WHAT TO PRODUCE: For each line in the material below that holds "Plain", copy that line.

[[ EXERCISE DATA open ]]

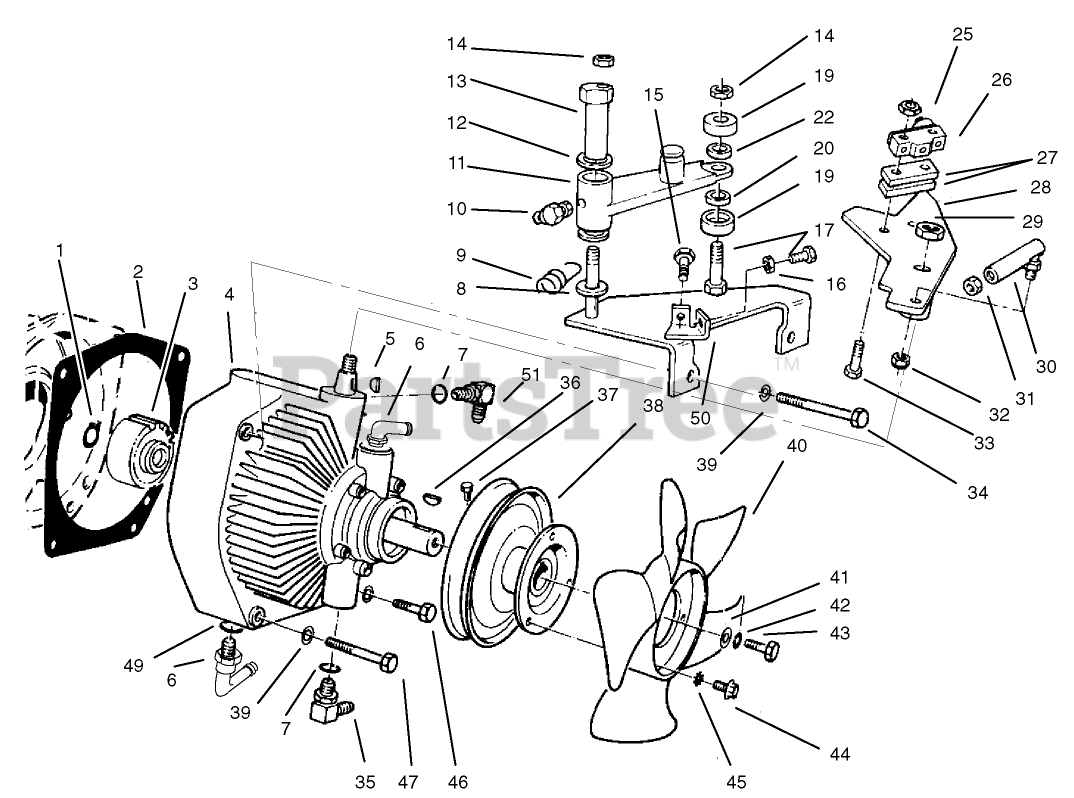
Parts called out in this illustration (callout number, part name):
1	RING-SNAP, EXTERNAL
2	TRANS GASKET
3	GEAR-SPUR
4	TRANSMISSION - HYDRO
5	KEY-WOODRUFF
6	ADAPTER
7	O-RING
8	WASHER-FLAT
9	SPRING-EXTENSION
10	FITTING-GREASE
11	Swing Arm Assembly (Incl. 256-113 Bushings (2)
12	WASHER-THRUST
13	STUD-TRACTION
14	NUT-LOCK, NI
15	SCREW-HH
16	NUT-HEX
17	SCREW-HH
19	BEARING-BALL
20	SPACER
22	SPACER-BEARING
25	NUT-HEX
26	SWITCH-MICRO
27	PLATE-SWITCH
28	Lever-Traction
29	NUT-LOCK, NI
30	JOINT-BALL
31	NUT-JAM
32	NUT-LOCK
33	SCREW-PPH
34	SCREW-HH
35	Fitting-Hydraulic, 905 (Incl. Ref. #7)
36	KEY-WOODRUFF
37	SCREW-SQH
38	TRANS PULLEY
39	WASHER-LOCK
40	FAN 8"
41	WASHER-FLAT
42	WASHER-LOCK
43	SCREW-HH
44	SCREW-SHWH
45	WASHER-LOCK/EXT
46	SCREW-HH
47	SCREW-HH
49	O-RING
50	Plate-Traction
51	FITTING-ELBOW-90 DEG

[[ EXERCISE DATA closed ]]
[[ EXERCISE DATA open ]]

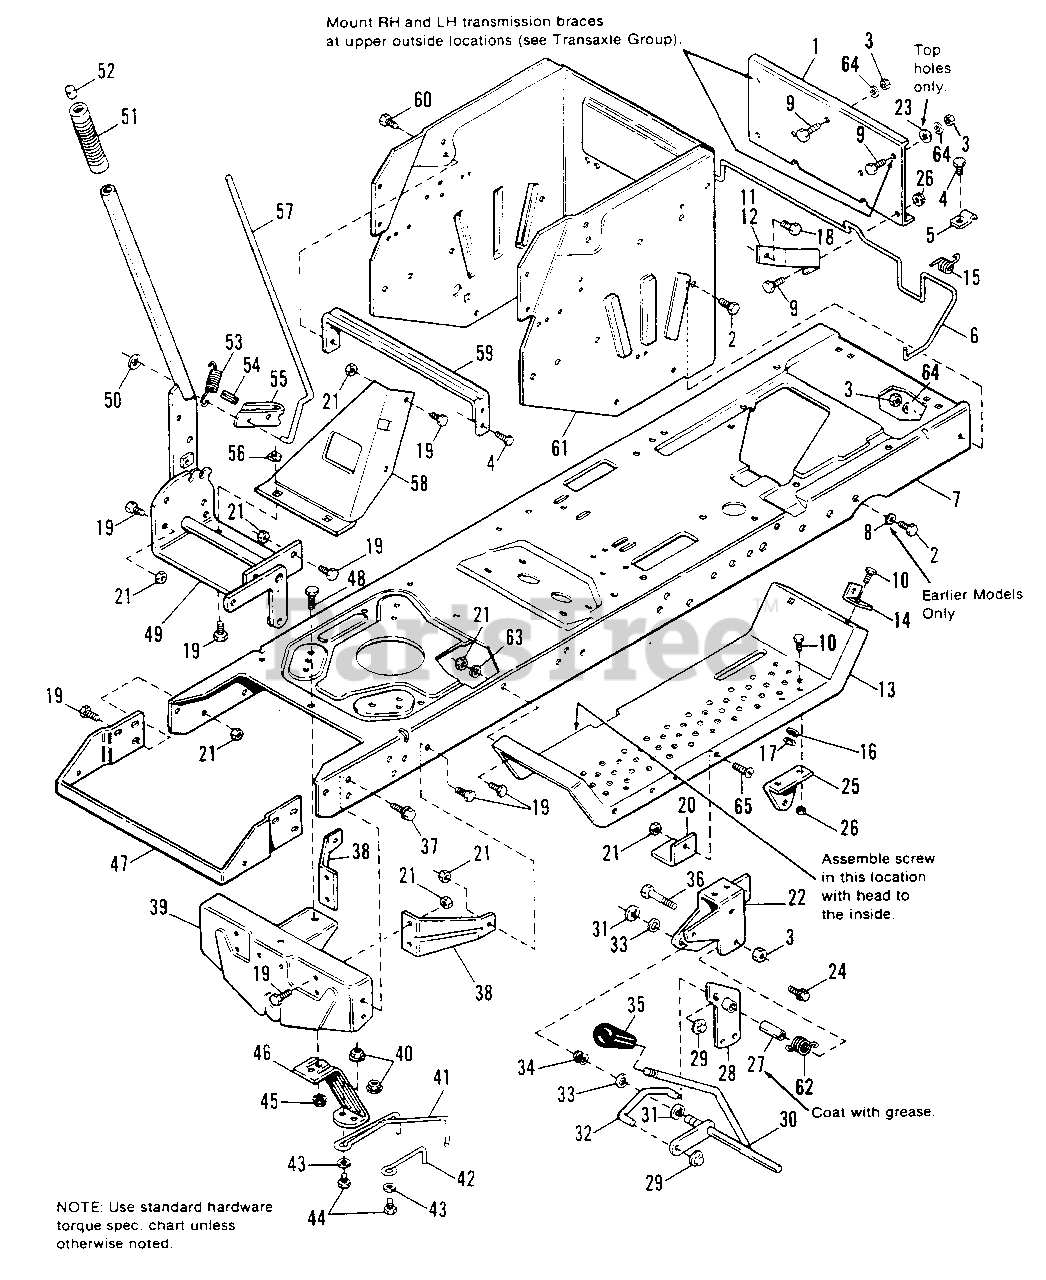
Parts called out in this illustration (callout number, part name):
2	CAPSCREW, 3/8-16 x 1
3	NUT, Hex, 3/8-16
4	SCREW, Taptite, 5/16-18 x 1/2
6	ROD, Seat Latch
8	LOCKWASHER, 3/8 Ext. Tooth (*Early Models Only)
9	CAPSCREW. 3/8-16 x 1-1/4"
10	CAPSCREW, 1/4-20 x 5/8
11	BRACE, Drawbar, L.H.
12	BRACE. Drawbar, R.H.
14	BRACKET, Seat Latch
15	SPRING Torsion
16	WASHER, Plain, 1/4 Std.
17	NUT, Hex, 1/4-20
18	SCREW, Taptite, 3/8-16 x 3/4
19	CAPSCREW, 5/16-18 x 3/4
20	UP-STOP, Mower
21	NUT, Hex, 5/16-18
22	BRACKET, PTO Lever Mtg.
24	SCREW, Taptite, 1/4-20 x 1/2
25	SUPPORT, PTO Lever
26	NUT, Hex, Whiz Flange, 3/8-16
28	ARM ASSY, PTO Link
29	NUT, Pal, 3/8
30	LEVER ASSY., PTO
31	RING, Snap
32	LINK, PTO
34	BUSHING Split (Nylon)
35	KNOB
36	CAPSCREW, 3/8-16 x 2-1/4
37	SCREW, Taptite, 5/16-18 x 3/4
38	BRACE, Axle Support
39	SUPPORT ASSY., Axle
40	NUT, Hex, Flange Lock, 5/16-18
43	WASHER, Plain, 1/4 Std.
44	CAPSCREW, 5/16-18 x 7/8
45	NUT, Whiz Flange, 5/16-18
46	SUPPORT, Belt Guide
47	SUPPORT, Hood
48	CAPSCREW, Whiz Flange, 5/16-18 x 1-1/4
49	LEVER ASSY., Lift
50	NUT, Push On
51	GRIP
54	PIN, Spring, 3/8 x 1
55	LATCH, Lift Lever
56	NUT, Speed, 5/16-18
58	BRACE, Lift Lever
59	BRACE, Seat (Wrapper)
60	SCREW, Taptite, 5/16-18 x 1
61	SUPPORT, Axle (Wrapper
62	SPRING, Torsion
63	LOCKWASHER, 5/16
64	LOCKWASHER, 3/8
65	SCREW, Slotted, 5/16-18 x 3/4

[[ EXERCISE DATA closed ]]
[[ EXERCISE DATA open ]]

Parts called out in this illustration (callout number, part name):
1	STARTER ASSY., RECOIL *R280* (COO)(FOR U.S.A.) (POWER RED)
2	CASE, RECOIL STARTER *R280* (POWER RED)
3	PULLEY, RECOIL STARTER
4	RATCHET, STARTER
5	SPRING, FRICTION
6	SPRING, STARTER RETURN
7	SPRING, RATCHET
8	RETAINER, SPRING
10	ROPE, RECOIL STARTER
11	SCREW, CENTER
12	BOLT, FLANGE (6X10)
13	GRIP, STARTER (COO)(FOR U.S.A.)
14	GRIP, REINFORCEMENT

[[ EXERCISE DATA closed ]]

RESULT FOR THIS TASK:
16	WASHER, Plain, 1/4 Std.
43	WASHER, Plain, 1/4 Std.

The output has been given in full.